The strategies above are designed to trigger specific classes of vulnerabilities:

Integer Overflow in Dimension Products

When tensor dimensions are multiplied to compute n_elements, large values cause silent overflow in C/C++. A tensor with dimensions [UINT64_MAX, 2] wraps around to a small allocation size, but the parser then writes far more data than allocated.

Strategies: HugeDimension, ExcessiveDims

Type Confusion

Writing a value as one type but tagging it as another causes the parser to interpret raw bytes incorrectly.

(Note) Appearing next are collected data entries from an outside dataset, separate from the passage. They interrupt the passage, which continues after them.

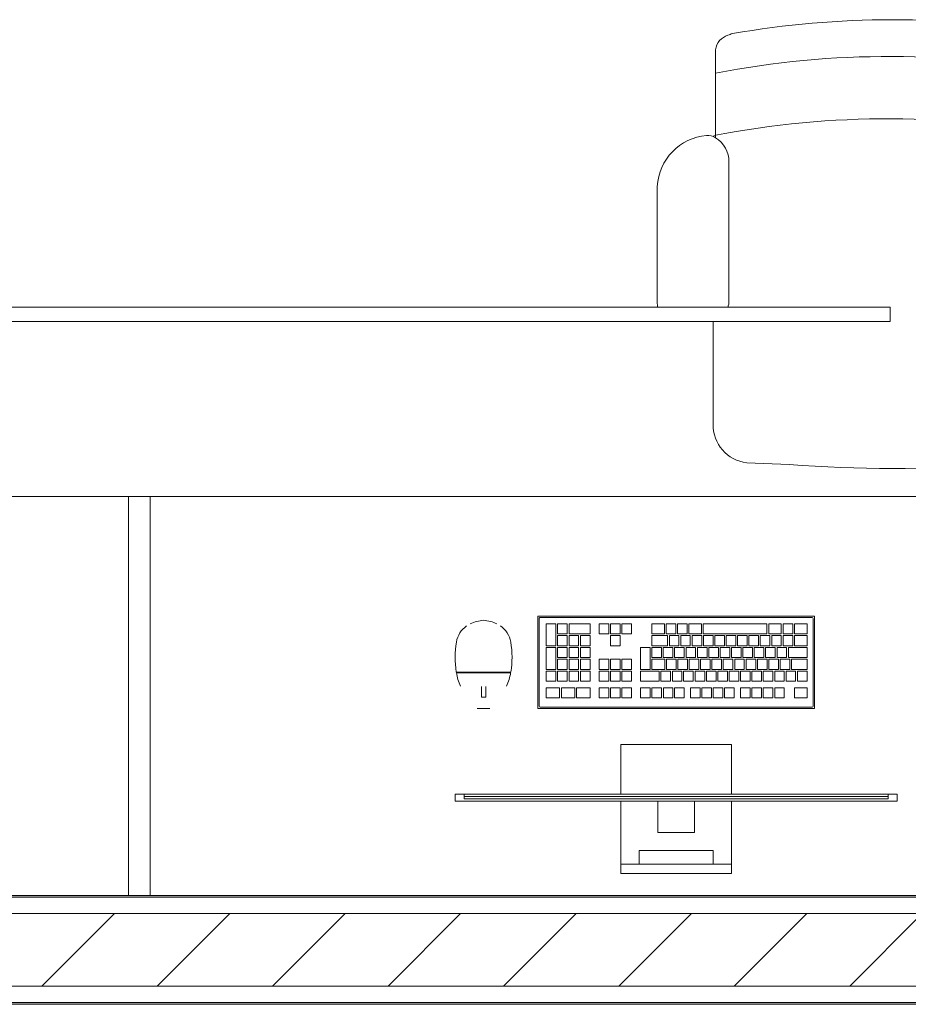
# Model space of a CAD drawing. Header units: metres. Extents: x 2.9 to 42.3, y -72.9 to -49.3.
# Tile 222 of 256: x 24.8 to 26, y -71.9 to -70.6. Entities that reach past the tile are written whole.
import ezdxf

# ---------------------------------------------------------------- set-up
doc = ezdxf.new("R2010")
doc.units = ezdxf.units.M
for name, color, linetype, lineweight in [('A-FLOR', 7, 'Continuous', 18), ('A-GENM', 7, 'Continuous', 18), ('A-WALL', 7, 'Continuous', 18), ('A-WALL-PATT', 7, 'Continuous', 18), ('I-FURN', 7, 'Continuous', 18), ('I-WALL', 7, 'Continuous', 18)]:
    doc.layers.add(name, color=color, linetype=linetype, lineweight=lineweight)
pattern_1 = [(50, (21.555, -62.929), (0.546555, -0.047815), [0.05715, -0.62865]), (355, (21.555, -62.929), (-0.105728, 0.573166), [0.04572, -0.50292]), (100.451, (21.601, -62.933), (0.440828, 0.525349), [0.04857, -0.53427]), (46.184, (21.555, -62.776), (0.813237, -0.12613), [0.08573, -0.94298]), (96.636, (21.623, -62.787), (0.712212, 0.742287), [0.07286, -0.80141]), (351.184, (21.555, -62.776), (0.712217, 0.742274), [0.06858, -0.75438]), (21, (21.631, -62.814), (0.454846, -0.306795), [0.05715, -0.62865]), (326, (21.631, -62.814), (0.185405, 0.55256), [0.04572, -0.50292]), (71.451, (21.669, -62.84), (0.640251, 0.245763), [0.04857, -0.53427]), (37.5, (21.555, -62.929), (0.009261, 0.2536672), [0.02515, -0.47168, 0.02515, -0.48539, -0.50482]), (37.5, (21.555, -62.929), (0.009261, 0.2536672), [-1.007, 0.02515, -0.47968]), (7.5, (21.555, -62.929), (0.2004558, 0.300546), [0.02515, -0.26594, 0.02515, -0.46025, -0.1924]), (7.5, (21.555, -62.929), (0.2004558, 0.300546), [-0.77648, 0.02515, -0.16726]), (327.5, (21.385, -62.929), (0.4067682, -0.0171882), [0.02515, -0.16535, 0.02515, -0.56921, -0.78867]), (327.5, (21.385, -62.929), (0.4067682, -0.0171882), [-0.78486, 0.02515, -0.76352]), (317.5, (21.309, -62.929), (0.444383, 0.0762794), [0.02515, -0.2225, 0.02515, -0.36957, -0.56007]), (317.5, (21.309, -62.929), (0.444383, 0.0762794), [-0.64237, 0.02515, -0.53492])]

# ---------------------------------------------------------------- blocks, each defined once
blk = doc.blocks.new('CADEIRA GIRATÓRIA OPERACIONAL COM BRAÇO - High Back Fully Upholstered-V2-2PAV')
at = {"layer": 'I-FURN', "color": 253, "true_color": 0xaaaaaa}
for p, q in [((-0.1421, -0.0052), (-0.2007, -0.0078)), ((0.2007, -0.0078), (0.1421, -0.0052)), ((-0.2469, -0.0612), (-0.2469, -0.2036)), ((0.2469, -0.2023), (0.2469, -0.0612)), ((-0.2469, -0.2036), (-0.3007, -0.2036)), ((-0.3242, -0.2293), (-0.3242, -0.3887)), ((0.3242, -0.3887), (0.3242, -0.2293)), ((-0.2252, -0.2315), (-0.2252, -0.4225)), ((0.2252, -0.2315), (0.2252, -0.4225)), ((-0.2439, -0.4559), (-0.2439, -0.5772)), ((0.2439, -0.5772), (0.2439, -0.4559))]:
    blk.add_line(p, q, dxfattribs=at)
for centre, radius, start, end in [((0, -1.953), 1.953, 85.8275, 94.1725), ((-0.195, -0.0595), 0.052, 96.2753, 181.8688), ((0.195, -0.0595), 0.052, 358.1312, 83.7247), ((-0.2983, -0.2293), 0.0259, 95.2759, 180), ((-0.2539, -0.2315), 0.0287, 360, 75.9119), ((0.2539, -0.2315), 0.0287, 160.4042, 180), ((0.2983, -0.2293), 0.0259, 360, 16.141), ((-0.2492, -0.3843), 0.0751, 183.3831, 264.7806), ((0.2492, -0.3843), 0.0751, 275.2194, 356.6169), ((-0.2643, -0.4225), 0.0391, 301.4893, 360), ((0.2643, -0.4225), 0.0391, 180, 238.5107), ((-0.2543, -0.4408), 0.0184, 264.7806, 304.7545), ((0.0083, 0.7541), 1.236, 258.2294, 281.0827), ((0.2543, -0.4408), 0.0184, 235.2455, 275.2194), ((0.2543, -0.4408), 0.0184, 235.2455, 275.2194), ((0.0063, 0.6682), 1.236, 258.3229, 281.0827), ((-0.2192, -0.5734), 0.0249, 188.7931, 252.7089), ((0.2192, -0.5734), 0.0249, 287.2911, 351.2069), ((-0.1985, -0.5252), 0.0773, 248.6542, 253.5306), ((0, 0.6572), 1.2757, 260.0509, 279.9491), ((0.1985, -0.5252), 0.0773, 286.4694, 291.3458)]:
    blk.add_arc(centre, radius, start, end, dxfattribs=at)
blk = doc.blocks.new('COMPUTADOR_ TECLADO_MONITOR_MOUSE - Keyboard-V10-2PAV')
at = {"layer": 'A-GENM', "color": 253, "true_color": 0xaaaaaa}
for p, q in [((0.0762, 0.2274), (-0.0762, 0.2274)), ((-0.0762, 0.2274), (-0.0762, 0.2147)), ((0.0762, 0.2147), (0.0762, 0.2274)), ((-0.0762, 0.2147), (0.0762, 0.2147)), ((-0.0762, 0.2084), (-0.0762, 0.2147)), ((-0.0762, 0.1278), (-0.0762, 0.2084)), ((0.0508, 0.2147), (-0.0508, 0.2147)), ((-0.0508, 0.2147), (-0.0508, 0.1957)), ((0.0508, 0.1957), (0.0508, 0.2147)), ((0.0762, 0.2147), (0.0762, 0.2084)), ((0.0762, 0.2084), (0.0762, 0.1278)), ((-0.0508, 0.1957), (0.0508, 0.1957)), ((0.0254, 0.1711), (-0.0254, 0.1711)), ((-0.0254, 0.1711), (-0.0254, 0.1278)), ((0.0254, 0.1278), (0.0254, 0.1711)), ((0.3048, 0.1278), (-0.3048, 0.1278)), ((-0.3048, 0.1278), (-0.3048, 0.1183)), ((-0.2921, 0.1183), (-0.2921, 0.1246)), ((-0.2921, 0.1246), (0.2921, 0.1246)), ((0.2921, 0.1246), (-0.2921, 0.1246)), ((-0.2921, 0.1246), (-0.2921, 0.1214)), ((-0.0254, 0.1278), (0.0254, 0.1278)), ((0.2921, 0.1246), (0.2921, 0.1183)), ((0.2921, 0.1214), (0.2921, 0.1246)), ((0.3048, 0.1183), (0.3048, 0.1278)), ((-0.3048, 0.1183), (-0.2921, 0.1183)), ((-0.2921, 0.1214), (0.2921, 0.1214)), ((0.2921, 0.1183), (-0.2921, 0.1183)), ((-0.0762, 0.0496), (-0.0762, 0.1183)), ((0.0762, 0.1183), (0.0762, 0.0496)), ((0.2921, 0.1183), (0.3048, 0.1183)), ((-0.0762, 0.0496), (0.0762, 0.0496)), ((-0.1905, 0), (0.1905, 0)), ((-0.1905, -0.127), (-0.1905, 0)), ((-0.1889, -0.0032), (-0.1889, -0.1238)), ((0.1873, -0.0016), (-0.1873, -0.0016)), ((0.1889, -0.1238), (0.1889, -0.0032)), ((0.1905, 0), (0.1905, -0.127)), ((0.2742, 0), (0.2569, 0)), ((-0.1632, -0.0146), (-0.1808, -0.0146)), ((-0.1808, -0.0146), (-0.1808, -0.0285)), ((-0.1632, -0.0285), (-0.1632, -0.0146)), ((-0.1358, -0.0146), (-0.149, -0.0146)), ((-0.149, -0.0146), (-0.149, -0.0285)), ((-0.1358, -0.0285), (-0.1358, -0.0146)), ((-0.1201, -0.0146), (-0.1333, -0.0146)), ((-0.1333, -0.0146), (-0.1333, -0.0285)), ((-0.1201, -0.0285), (-0.1201, -0.0146)), ((-0.1044, -0.0146), (-0.1177, -0.0146)), ((-0.1177, -0.0146), (-0.1177, -0.0285)), ((-0.1044, -0.0285), (-0.1044, -0.0146)), ((-0.0887, -0.0146), (-0.102, -0.0146)), ((-0.102, -0.0146), (-0.102, -0.0285)), ((-0.0887, -0.0285), (-0.0887, -0.0146)), ((-0.0668, -0.0146), (-0.0801, -0.0146)), ((-0.0801, -0.0146), (-0.0801, -0.0285)), ((-0.0668, -0.0285), (-0.0668, -0.0146)), ((-0.0512, -0.0146), (-0.0644, -0.0146)), ((-0.0644, -0.0146), (-0.0644, -0.0285)), ((-0.0512, -0.0285), (-0.0512, -0.0146)), ((-0.0355, -0.0146), (-0.0488, -0.0146)), ((-0.0488, -0.0146), (-0.0488, -0.0285)), ((-0.0355, -0.0285), (-0.0355, -0.0146)), ((-0.0198, -0.0146), (-0.0331, -0.0146)), ((-0.0331, -0.0146), (-0.0331, -0.0285)), ((-0.0198, -0.0285), (-0.0198, -0.0146)), ((0.0021, -0.0146), (-0.0112, -0.0146)), ((-0.0112, -0.0146), (-0.0112, -0.0285)), ((0.0021, -0.0285), (0.0021, -0.0146)), ((0.0177, -0.0146), (0.0045, -0.0146)), ((0.0045, -0.0146), (0.0045, -0.0285)), ((0.0177, -0.0285), (0.0177, -0.0146)), ((0.0334, -0.0146), (0.0202, -0.0146)), ((0.0202, -0.0146), (0.0202, -0.0285)), ((0.0334, -0.0285), (0.0334, -0.0146)), ((0.0491, -0.0146), (0.0358, -0.0146)), ((0.0358, -0.0146), (0.0358, -0.0285)), ((0.0491, -0.0285), (0.0491, -0.0146)), ((0.075, -0.0146), (0.0617, -0.0146)), ((0.0617, -0.0146), (0.0617, -0.0285)), ((0.075, -0.0285), (0.075, -0.0146)), ((0.0906, -0.0146), (0.0774, -0.0146)), ((0.0774, -0.0146), (0.0774, -0.0285)), ((0.0906, -0.0285), (0.0906, -0.0146)), ((0.1063, -0.0146), (0.093, -0.0146)), ((0.093, -0.0146), (0.093, -0.0285)), ((0.1063, -0.0285), (0.1063, -0.0146)), ((0.1372, -0.0146), (0.1188, -0.0146)), ((0.1188, -0.0146), (0.1188, -0.0285)), ((0.1372, -0.0285), (0.1372, -0.0146)), ((0.1581, -0.0146), (0.1398, -0.0146)), ((0.1398, -0.0146), (0.1398, -0.0285)), ((0.1581, -0.0285), (0.1581, -0.0146)), ((0.1791, -0.0146), (0.1607, -0.0146)), ((0.1607, -0.0146), (0.1607, -0.0285)), ((0.1791, -0.0285), (0.1791, -0.0146)), ((0.2686, -0.0156), (0.2622, -0.0156)), ((0.2622, -0.0156), (0.2622, -0.0303)), ((0.2686, -0.0303), (0.2686, -0.0156)), ((-0.1808, -0.0285), (-0.1632, -0.0285)), ((-0.1671, -0.0376), (-0.1804, -0.0376)), ((-0.1804, -0.0376), (-0.1804, -0.0515)), ((-0.1671, -0.0515), (-0.1671, -0.0376)), ((-0.1514, -0.0376), (-0.1647, -0.0376)), ((-0.1647, -0.0376), (-0.1647, -0.0515)), ((-0.1514, -0.0515), (-0.1514, -0.0376)), ((-0.149, -0.0285), (-0.1358, -0.0285)), ((-0.1358, -0.0376), (-0.149, -0.0376)), ((-0.149, -0.0376), (-0.149, -0.0515)), ((-0.1358, -0.0515), (-0.1358, -0.0376)), ((-0.1333, -0.0285), (-0.1201, -0.0285)), ((-0.1201, -0.0376), (-0.1333, -0.0376)), ((-0.1333, -0.0376), (-0.1333, -0.0515)), ((-0.1201, -0.0515), (-0.1201, -0.0376)), ((-0.1177, -0.0285), (-0.1044, -0.0285)), ((-0.1044, -0.0376), (-0.1177, -0.0376)), ((-0.1177, -0.0376), (-0.1177, -0.0515)), ((-0.1044, -0.0515), (-0.1044, -0.0376)), ((-0.102, -0.0285), (-0.0887, -0.0285)), ((-0.0887, -0.0376), (-0.102, -0.0376)), ((-0.102, -0.0376), (-0.102, -0.0515)), ((-0.0887, -0.0515), (-0.0887, -0.0376)), ((-0.0731, -0.0376), (-0.0863, -0.0376)), ((-0.0863, -0.0376), (-0.0863, -0.0515)), ((-0.0801, -0.0285), (-0.0668, -0.0285)), ((-0.0731, -0.0515), (-0.0731, -0.0376)), ((-0.0574, -0.0376), (-0.0706, -0.0376)), ((-0.0706, -0.0376), (-0.0706, -0.0515)), ((-0.0644, -0.0285), (-0.0512, -0.0285)), ((-0.0574, -0.0515), (-0.0574, -0.0376)), ((-0.0417, -0.0376), (-0.055, -0.0376)), ((-0.055, -0.0376), (-0.055, -0.0515)), ((-0.0488, -0.0285), (-0.0355, -0.0285)), ((-0.0417, -0.0515), (-0.0417, -0.0376)), ((-0.026, -0.0376), (-0.0393, -0.0376)), ((-0.0393, -0.0376), (-0.0393, -0.0515)), ((-0.0331, -0.0285), (-0.0198, -0.0285)), ((-0.026, -0.0515), (-0.026, -0.0376)), ((-0.0103, -0.0376), (-0.0236, -0.0376)), ((-0.0236, -0.0376), (-0.0236, -0.0515)), ((-0.0112, -0.0285), (0.0021, -0.0285)), ((-0.0103, -0.0515), (-0.0103, -0.0376)), ((0.0053, -0.0376), (-0.0079, -0.0376)), ((-0.0079, -0.0376), (-0.0079, -0.0515)), ((0.0045, -0.0285), (0.0177, -0.0285)), ((0.0053, -0.0515), (0.0053, -0.0376)), ((0.021, -0.0376), (0.0077, -0.0376)), ((0.0077, -0.0376), (0.0077, -0.0515)), ((0.0202, -0.0285), (0.0334, -0.0285)), ((0.021, -0.0515), (0.021, -0.0376)), ((0.0491, -0.0376), (0.0234, -0.0376)), ((0.0234, -0.0376), (0.0234, -0.0515)), ((0.0358, -0.0285), (0.0491, -0.0285)), ((0.0491, -0.0515), (0.0491, -0.0376)), ((0.0617, -0.0285), (0.075, -0.0285)), ((0.075, -0.0376), (0.0617, -0.0376)), ((0.0617, -0.0376), (0.0617, -0.0515)), ((0.075, -0.0515), (0.075, -0.0376)), ((0.0774, -0.0285), (0.0906, -0.0285)), ((0.0906, -0.0376), (0.0774, -0.0376)), ((0.0774, -0.0376), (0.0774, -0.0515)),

A 4-byte float tagged as a string causes the parser to read the float bits as a string length, leading to out-of-bounds reads.

Strategies: WrongValueType, TypeConfusion

Alignment Poisoning

The general.alignment metadata key controls padding calculations. Setting it to 0 causes division-by-zero in offset % alignment. Setting it to a massive value causes the serializer to attempt allocating gigabytes of padding.

Strategies: ZeroAlignment, HugeAlignment

Deterministic Reproduction

Every fuzzing run is seeded with a 64-bit integer from crypto/rand. This seed is:

  1. Logged at the start of each run
  2. Recorded in every crash report
  3. Sufficient to reproduce the exact sequence of mutations
# Reproduce a crash with a known seed
crucible generate --seed 8827361950234 --count 1 --corpus ./corpus

Reproducibility Guarantee

Given the same RNG seed, corpus, and Crucible version, the fuzzer produces byte-identical output files. This makes every crash trivially reproducible for debugging and CVE reporting.